New York Life offers dividend-paying income annuity and QLAC

The release didn’t say whether or not the initial income payout from Mutual Income would be lower than the initial income payments of an annuity that does not offer dividends, as is the case for Northwestern Mutual's dividend-paying income annuity.

New York Life has launched a new income annuity, Mutual Income, that pays annual dividends in addition to immediate or deferred income. New York Life is the leading issuer of income annuities in the U.S.

Separately, the firm has issued its deferred income annuity as a QLAC, or qualifying longevity annuity contract, which IRA owners can use to purchase deferred income annuities with income start dates between ages 70½ and 85, within certain premium limits.
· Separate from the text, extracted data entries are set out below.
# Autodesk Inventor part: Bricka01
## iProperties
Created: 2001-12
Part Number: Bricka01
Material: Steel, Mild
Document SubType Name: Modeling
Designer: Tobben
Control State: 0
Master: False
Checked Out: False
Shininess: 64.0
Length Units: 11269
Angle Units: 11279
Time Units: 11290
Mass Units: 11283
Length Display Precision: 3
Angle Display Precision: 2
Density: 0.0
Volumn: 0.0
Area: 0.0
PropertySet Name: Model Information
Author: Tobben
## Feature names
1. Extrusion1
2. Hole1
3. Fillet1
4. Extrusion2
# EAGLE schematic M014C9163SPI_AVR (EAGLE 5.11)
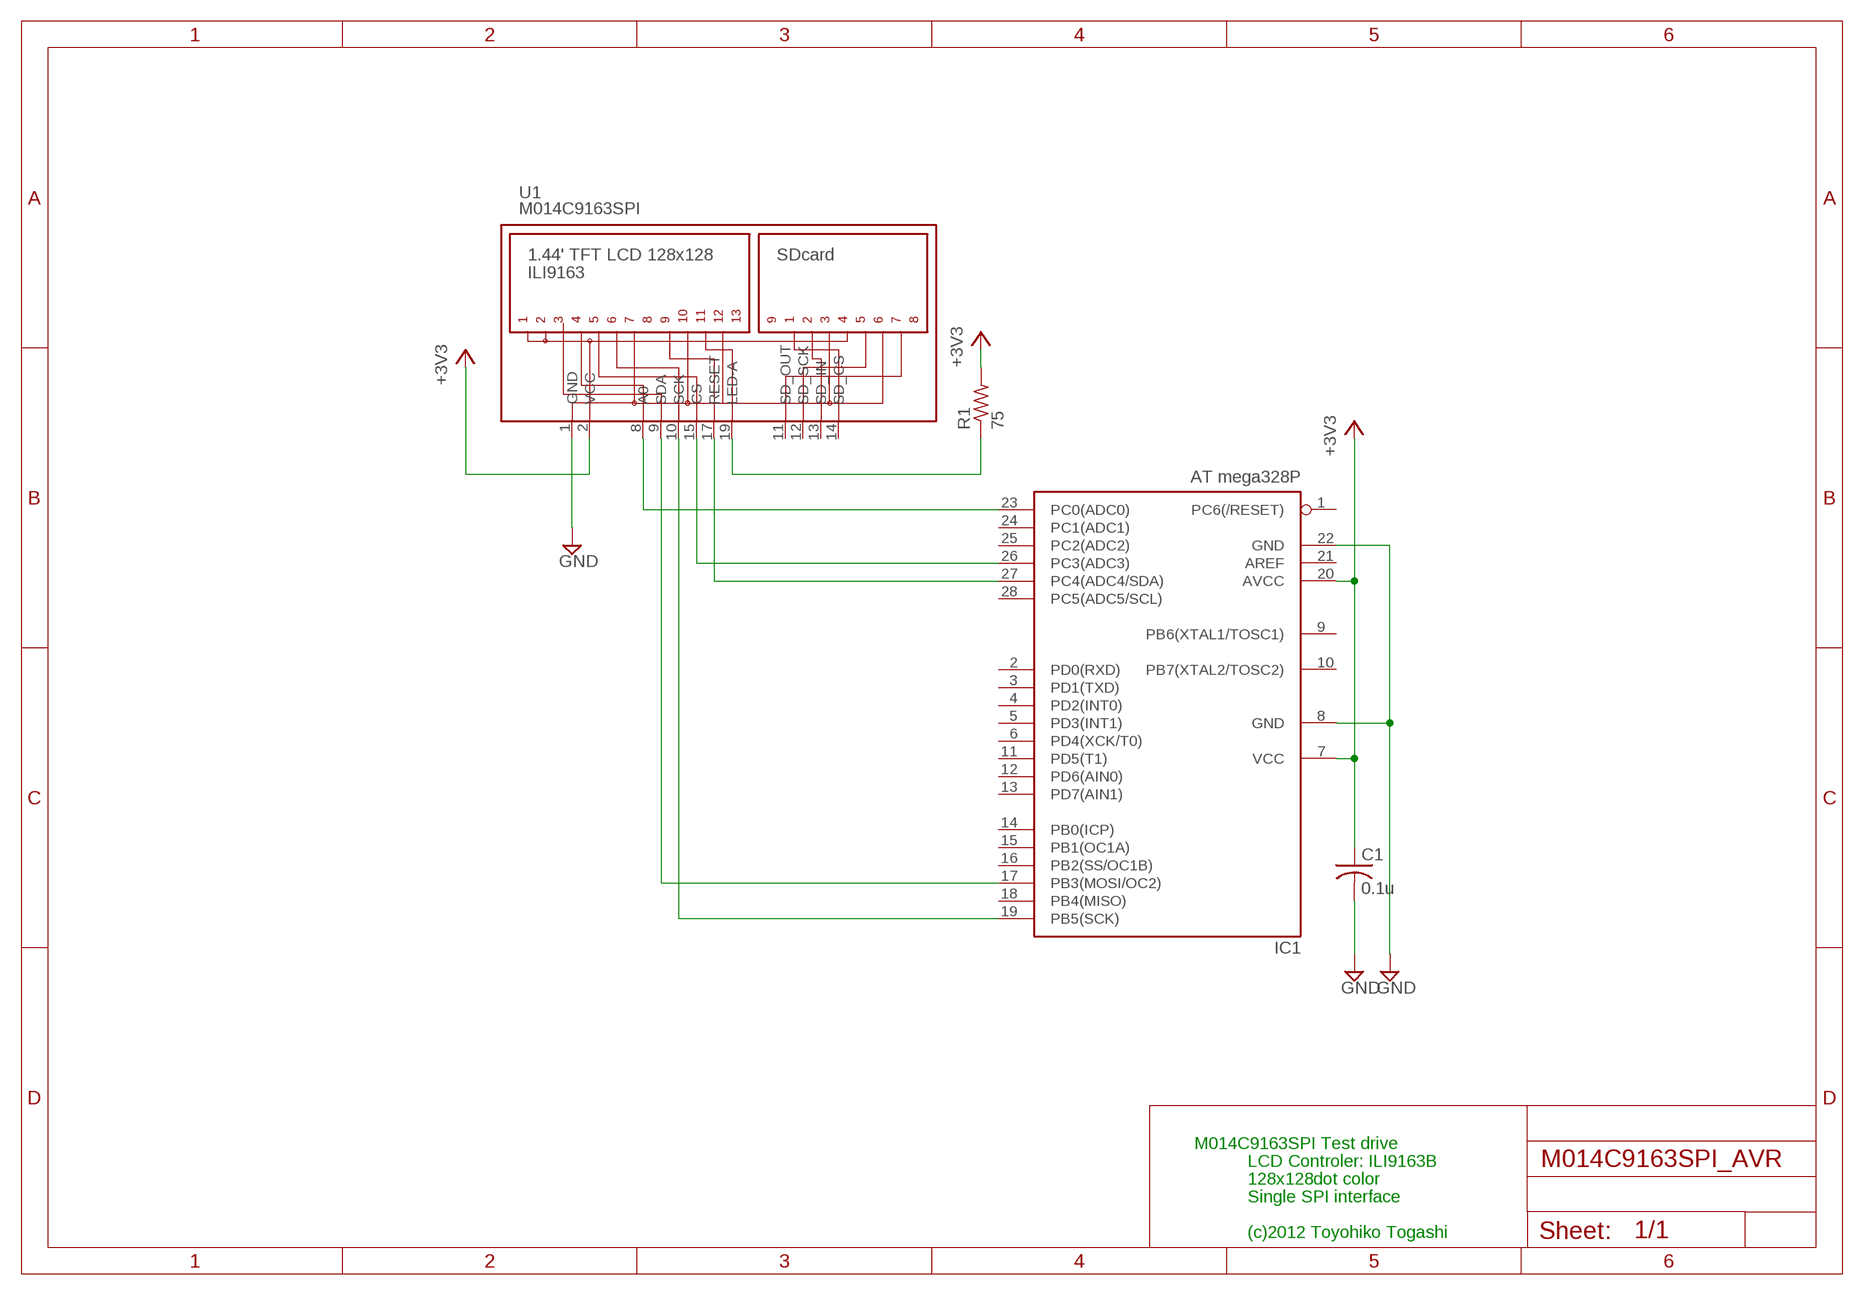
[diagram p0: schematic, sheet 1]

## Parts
C1  0.1u  C-US025-024X044  [C025-024X044]
IC1  AT mega328P  MEGA8-P  [DIL28-3]
R1  75  R-US_0204/5  [0204/5]
U1  M014C9163SPI  [M014C9163SPI]

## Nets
+3V3: C1.1 IC1.7(VCC) IC1.20(AVCC) R1.2 U1.2(VCC)
GND: C1.2 IC1.8(GND) IC1.22(GND) U1.1(GND)
N$1: IC1.23(PC0(ADC0)) U1.8(A0)
N$2: IC1.17(PB3(MOSI/OC2)) U1.9(SDA)
N$3: IC1.19(PB5(SCK)) U1.10(SCK)
N$4: IC1.26(PC3(ADC3)) U1.15(CS)
N$5: IC1.27(PC4(ADC4/SDA)) U1.17(RESET)
N$6: R1.1 U1.19(LED-A)
Unconnected: IC1.1(PC6(/RESET)) IC1.2(PD0(RXD)) IC1.3(PD1(TXD)) IC1.4(PD2(INT0)) IC1.5(PD3(INT1)) IC1.6(PD4(XCK/T0)) IC1.9(PB6(XTAL1/TOSC1)) IC1.10(PB7(XTAL2/TOSC2)) IC1.11(PD5(T1)) IC1.12(PD6(AIN0)) IC1.13(PD7(AIN1)) IC1.14(PB0(ICP)) IC1.15(PB1(OC1A)) IC1.16(PB2(SS/OC1B)) IC1.18(PB4(MISO)) IC1.21(AREF) IC1.24(PC1(ADC1)) IC1.25(PC2(ADC2)) IC1.28(PC5(ADC5/SCL)) U1.11(SD_OUT) U1.12(SD_SCK) U1.13(SD_IN) U1.14(SD_CS)

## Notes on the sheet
- M014C9163SPI Test drive
- LCD Controler: ILI9163B
- 128x128dot color
- Single SPI interface
- (c)2012 Toyohiko Togashi

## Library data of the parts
C1 = rcl:C-US: CAPACITOR, American symbol
IC1 = atmel:MEGA8-P: MICROCONTROLLER 8 Kbytes FLASH, 1 kbytes SRAM, 512 bytes EEPROM, USART, 4-channel 10 bit ADC, 2-channel 8 bit ADC Pin compatible with Atmega48, ATMega88, ATMega168 Source: avr.lbr; OC_FARNELL: unknown; OC_NEWARK: unknown
R1 = rcl:R-US_: RESISTOR, American symbol
U1 = TOG:M014C9163SPI: itendo M014C9163SPI board 1.44' TFT LCD Module and SDcard socket
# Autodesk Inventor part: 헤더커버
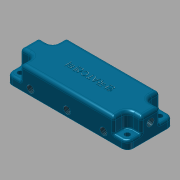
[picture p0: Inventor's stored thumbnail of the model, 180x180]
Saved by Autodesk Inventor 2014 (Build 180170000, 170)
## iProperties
Created: 2015-11
Part Number: 헤더커버
Material: 알루미늄 6061
Document SubType Name: Modeling
Designer: mduedu
Density: 2.71 g/cm^3
Appearance: 하늘색 짙음
Mass: 171.77 g
Surface Area: 160.864 cm^2
Volume: 63.3839 cm^3
Author: mduedu
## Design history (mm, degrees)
sketch "스케치1"
  geometry: L1 (52.5, 20)-(-52.5, 20); L2 (-52.5, 20)-(-52.5, -20); L3 (-52.5, -20)-(52.5, -20); L4 (52.5, -20)-(52.5, 20); L5 (52.5, 20)-(-52.5, -20); L6 (-52.5, 20)-(52.5, -20); 1 further point
  constraints: 12 end point, 2 midpoint, 2 parallel, 1 horizontal, 1 perpendicular
  dimensions: "d0" = 105 distance of L3.end L2.end; "d1" = 40 distance of L2.end L1.end
extrude "돌출1" new body sketch "스케치1" distance "d2" = 20; taper "d3" = 0 deg
sketch "스케치2"
  geometry: L1 (-52.5, -20)-(-52.5, 20) reference; L2 (-52.5, 20)-(52.5, 20) reference; L3 (52.5, 20)-(52.5, -20) reference; L4 (52.5, -20)-(-52.5, -20) reference; L5 (-52.5, 20)-(-40.5, 20); L6 (-40.5, 20)-(-40.5, 8); L7 (-40.5, 8)-(-52.5, 8); L8 (-52.5, 8)-(-52.5, 20); L9 (52.5, 20)-(40.5, 20); L10 (40.5, 20)-(40.5, 8); L11 (40.5, 8)-(52.5, 8); L12 (52.5, 8)-(52.5, 20); L13 (52.5, -20)-(40.5, -20); L14 (40.5, -20)-(40.5, -8); L15 (40.5, -8)-(52.5, -8); L16 (52.5, -8)-(52.5, -20); L17 (-52.5, -20)-(-40.5, -20); L18 (-40.5, -20)-(-40.5, -8); L19 (-40.5, -8)-(-52.5, -8); L20 (-52.5, -8)-(-52.5, -20); 1 further point
  constraints: 32 end point, 8 parallel, 6 equal length, 4 horizontal, 4 perpendicular
  dimensions: "d4" = 12 distance of L6.end L7.end; "d5" = 12 distance of L5.end L6.end
extrude "돌출2" cut sketch "스케치2" distance "d6" = 13; taper "d7" = 0 deg
fillet "모깎기1" dims "d8" = 5
fillet "모깎기2" dims "d9" = 1
fillet "모깎기3" dims "d10" = 5
fillet "모깎기4" dims "d11" = 2
fillet "모깎기5" dims "d12" = 3
sketch "스케치3"
  geometry: L1 (-46.5, -14)-(46.5, -14); L2 (46.5, -14)-(46.5, 14); L3 (46.5, 14)-(-46.5, 14); L4 (-46.5, 14)-(-46.5, -14); L5 (-46.5, -14)-(46.5, 14); L6 (46.5, -14)-(-46.5, 14); L7 (47.5, 20)-(-47.5, 20) reference; L8 (52.5, -15)-(52.5, 15) reference; 5 further points
  constraints: 12 end point, 4 coincident, 2 midpoint, 2 parallel, 1 horizontal, 1 perpendicular
  dimensions: "d13" = 6 distance between parallel lines of L3 L7; "d14" = 6 distance between parallel lines of L2 L8
hole "구멍1" sketch "스케치3" at (-46.5, 14), (46.5, 14), (46.5, -14), (-46.5, -14) diameter "d15" = 4.5; stored, may be unused: countersink angle "d19" = 90 deg, drill point angle "d21" = 118 deg; dims "d16" = 6, "d17" = 4, "d18" = 2, "d20" = 8
sketch "스케치4"
  geometry: L1 (47.5, -20)-(-47.5, -20) reference; L2 (52.5, 15)-(52.5, -15) reference; L3 (-47.5, 20)-(47.5, 20) reference; L4 (-52.5, -15)-(-52.5, 15) reference; L5 (-52.5, 0)-(52.5, 0); C1 r 12.25 at (0, 0); C2 r 2.25 at (46.5, 14) reference; C3 r 2.25 at (-46.5, -14) reference; C4 r 2.25 at (46.5, -14) reference; C5 r 2.25 at (-46.5, 14) reference; C6 r 12.25 at (-32, 0); C7 r 12.25 at (32, 0); A1 r 5 centre (-47.5, -15) between (-52.5, -15) and (-47.5, -20) reference; A2 r 5 centre (47.5, -15) between (47.5, -20) and (52.5, -15) reference; A3 r 5 centre (47.5, 15) between (52.5, 15) and (47.5, 20) reference; A4 r 5 centre (-47.5, 15) between (-47.5, 20) and (-52.5, 15) reference; 1 further point
  constraints: 3 centre point, 2 end point, 2 midpoint, 2 point on line, 1 coincident
  dimensions: "d22" = 24.5 diameter of C1; "d23" = 24.5 diameter of C7 (= d22); "d24" = 24.5 diameter of C6 (= d22); "d25" = 32 distance of point (0, 0) C6.centre; "d26" = 32 distance of C7.centre point (0, 0) (= d25)
extrude "돌출3" cut sketch "스케치4" distance "d27" = 8; taper "d28" = 0 deg
fillet "모깎기6" dims "d29" = 5
sketch "스케치5"
  geometry: L1 (-52.5, 12)-(-47.119, 12); L2 (-40.191, 8)-(-37.635, 3.574); L3 (-52.5, 17)-(-52.5, 8) reference; L4 (-47.5, 0)-(-52.5, 0) reference; L5 (37.5, 20)-(-37.5, 20) reference; L6 (0, 0)-(0, 20); L7 (52.5, 12)-(47.119, 12); L8 (40.191, 8)-(37.635, 3.574); A1 r 8 centre (-47.119, 4) between (-40.191, 8) and (-47.119, 12); A2 r 8 centre (47.119, 4) between (47.119, 12) and (40.191, 8); 1 further point
  constraints: 10 end point, 5 symmetric about line, 4 point on circle, 3 point on line, 2 centre point, 2 tangent, 1 horizontal, 1 midpoint, 1 other
  dimensions: "d30" = 10 distance of L1.start point (-42.5, 12); "d32" = 120 deg angle of L2 L1; "d34" = 12 distance between parallel lines of L1 L4; "d35" = 8 radius of A1
sketch "스케치6"
  geometry: L1 (20, -5)-(20, 5) reference; L2 (8, -20)-(17, -20) reference; L3 (12, -20)-(12, -14.619); L4 (8, -7.691)-(3.81, -5.272); L5 (0, -20)-(0, -15) reference; A1 r 8 centre (4, -14.619) between (12, -14.619) and (8, -7.691); 2 further points
  constraints: 4 end point, 3 point on line, 2 point on circle, 2 tangent, 1 centre point, 1 perpendicular
  dimensions: "d36" = 10 distance of L3.start point (12, -10); "d38" = 12 distance between parallel lines of L3 L5; "d39" = 120 deg angle of L3 L4; "d40" = 8 radius of A1
node "작업점1"
node "작업점2"
node "작업점3"
hole "구멍2" diameter "d43" = 5.944; stored, may be unused: countersink angle "d49" = 90 deg, drill point angle "d51" = 0 deg; dims "d41" = 10, "d42" = 10, "d44" = 6.886, "d45" = 0.62479, "d46" = 5.959, "d47" = 4, "d48" = 2, "d50" = 6.9
hole "구멍3" diameter "d54" = 5.944; stored, may be unused: countersink angle "d60" = 90 deg, drill point angle "d62" = 0 deg; dims "d52" = 10, "d53" = 10, "d55" = 6.886, "d56" = 0.62479, "d57" = 5.959, "d58" = 4, "d59" = 2, "d61" = 6.9
hole "구멍4" diameter "d65" = 5.944; stored, may be unused: countersink angle "d71" = 90 deg, drill point angle "d73" = 0 deg; dims "d63" = 10, "d64" = 10, "d66" = 6.886, "d67" = 0.62479, "d68" = 5.959, "d69" = 4, "d70" = 2, "d72" = 6.9
sketch "스케치7"
  geometry: C1 r 2.972 at (15, 12) reference; 1 further point
sketch "스케치8"
  geometry: C1 r 2.972 at (15, 12) reference; 1 further point
sketch "스케치9"
  geometry: C1 r 2.972 at (47.5, 12) reference; 1 further point
feature "스윕1" dims "d74" = 0
feature "스윕2" dims "d75" = 0
feature "스윕3" dims "d76" = 0
sketch "스케치10"
  geometry: L1 (0, 0)-(95, 0) reference; L2 (22.75, 8)-(8.768, 8) reference; L3 (54.75, 8)-(40.25, 8) reference; L4 (86.232, 8)-(72.25, 8) reference; L5 (15.759, 8)-(15.759, 0); L6 (47.5, 8)-(47.5, 0); L7 (79.241, 8)-(79.241, 0); 5 further points
  constraints: 6 end point, 5 point on line, 3 midpoint, 2 horizontal alignment, 2 perpendicular, 1 parallel
  dimensions: "d77" = 5 distance from line of point (15.759, 5) L1
hole "구멍5" sketch "스케치10" at (15.759, 5), (47.5, 5), (79.241, 5) diameter "d78" = 5.944; stored, may be unused: countersink angle "d84" = 90 deg, drill point angle "d86" = 0 deg; dims "d79" = 6.886, "d80" = 0.62479, "d81" = 5.959, "d82" = 4, "d83" = 2, "d85" = 6.9
sketch "스케치11"
  geometry: C1 r 2.972 at (0, 0) reference; C2 r 2.972 at (31.741, 0) reference; C3 r 2.972 at (63.482, 0) reference; 1 further point
extrude "돌출4" cut sketch "스케치11" distance "d87" = 8; taper "d88" = 0 deg
sketch "스케치12"
  geometry: 2 further points
  constraints: 1 coincident, 1 other
feature "엠보싱1" sketch "스케치12" dims "d0" = 105, "d1" = 40, "d4" = 12, "d5" = 12, "d89" = 0.5, "d90" = 0
node "솔리드1"
node "투영된 루프1"
node "절단 모서리 투영1"
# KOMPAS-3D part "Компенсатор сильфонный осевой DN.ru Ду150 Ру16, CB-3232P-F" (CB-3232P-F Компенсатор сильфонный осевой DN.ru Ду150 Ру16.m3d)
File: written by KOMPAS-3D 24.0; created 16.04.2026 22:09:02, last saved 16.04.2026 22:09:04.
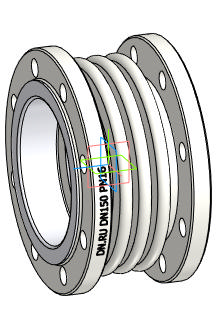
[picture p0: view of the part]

Document properties: Автор: DN.RU; Полное имя файла: D:\PROJECT CAD\DN.RU\..199(ACTUALE). CB-3232P-F Компенсатор сильфонный осевой DN.ru\Исходники\DN150\CB-3232P-F Компенсатор сильфонный осевой DN.ru Ду150 Ру16.m3d

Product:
- Body: Твердое тело1  | qty 1
    Масса: 18.79873
- Part/product: Компенсатор сильфонный осевой DN.ru Ду150 Ру16  | designation CB-3232P-F
    Масса: 15.2
    Раздел спецификации: Прочие изделия
    Комментарий: D140-02143
    Примечание: D140-02143
    additional columns: Типовые

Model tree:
1. Твердое тело1  (labels: Твердое тело1)

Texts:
  CB-3232P-F

A release by the Fortune 100 mutual insurer said that Mutual Income is “designed to offer clients the opportunity to directly participate in the company’s mutual structure.  Separately, New York Life has expanded its income annuity options available on tax-qualified savings,” the company said in a release this morning. 

The initial press release didn’t say whether or not the initial income payout from Mutual Income would be lower than the initial income payments of an annuity that does not offer dividends. Northwestern Mutual was the first mutual insurer to offer a dividend to deferred income annuity purchasers, but its dividend-paying contract has a much lower starting payment than a conventional income annuity from Northwestern Mutual.

A subsequent e-mail statement from New York Life to RIJ said, “Similar to NWM, the starting guarantee is lower than the conventional fully guaranteed version.”

The initial release also did not say whether New York Life would allow contract owners to choose between taking the dividend in cash and applying it to the purchase of additional lifetime income, as Northwestern Mutual does.

A subsequent e-mail statement from New York Life to RIJ said, “Mutual Income also has the same flexibility for dividends to be taken in cash, reinvested to purchase additional lifetime income or a combination of both.  However for qualified Future Mutual Income Annuity, any dividend payments received during deferral must be used to purchase additional income.

“In reality, for the DIA version, most policyholders will likely opt to reinvest the dividends during the deferral period (because they don’t need it) and take it as cash once income begins.  For the SPIA version, dividends will likely be taken as cash since they need income now.”

According to the release, which arrived just as RIJ was about to publish today,

“Mutual Income works much like a traditional income annuity, where income can begin immediately or be deferred until a future start date of the client’s choosing. 

“As with other income annuities, a client invests a lump sum with an insurer, and receives an income stream that’s guaranteed for life.  But unlike traditional income annuities, the total income amount is not capped at the guarantee. 

“As policy owners, New York Life’s Mutual Income clients will also be eligible for annual dividends that can be used to increase their retirement income beyond the guaranteed amount.”

New York Life managing director Dylan Huang said in a statement, “With the launch of Mutual Income, New York Life is, for the first time, expanding its dividend opportunity to our income annuity clients.” Dividends can provide inflation protection as well, Huang added.

Regarding the QLAC, the release said:

Approximately 70% of purchasers of New York Life’s deferred income annuity are using tax qualified retirement savings they already have in IRAs or 401(k)s—but until now, an individual’s ability to decide when to start income has been limited by Required Minimum Distribution (RMD) rules, which generally require retirees to begin withdrawing from their qualified accounts by age 70½. 

New York Life saw evidence of this limitation among its own customers: almost a third (31%) of purchasers using non-qualified money elect an income start date between the age of 70½ and 85, indicating a desire to defer income to a more advanced age. 

We believe the purchase pattern that we see in our non-qualified sales indicates that there will be even more interest in deferred income annuities now that the income start date is permitted beyond the age of 70½.  When pre-retirees have no restrictions around the income start date, they are using the flexibility that deferred income annuities afford to create retirement income tailored to their specific needs,” added Mr. Huang.  “Some will want to use other assets to fund the early years of their retirement, some will be looking to leverage the power of deferral to provide for expenses later in life and others may want to work into their 70s without having to tap into their retirement savings via an RMD.  All can benefit from learning about the benefits of QLACs.”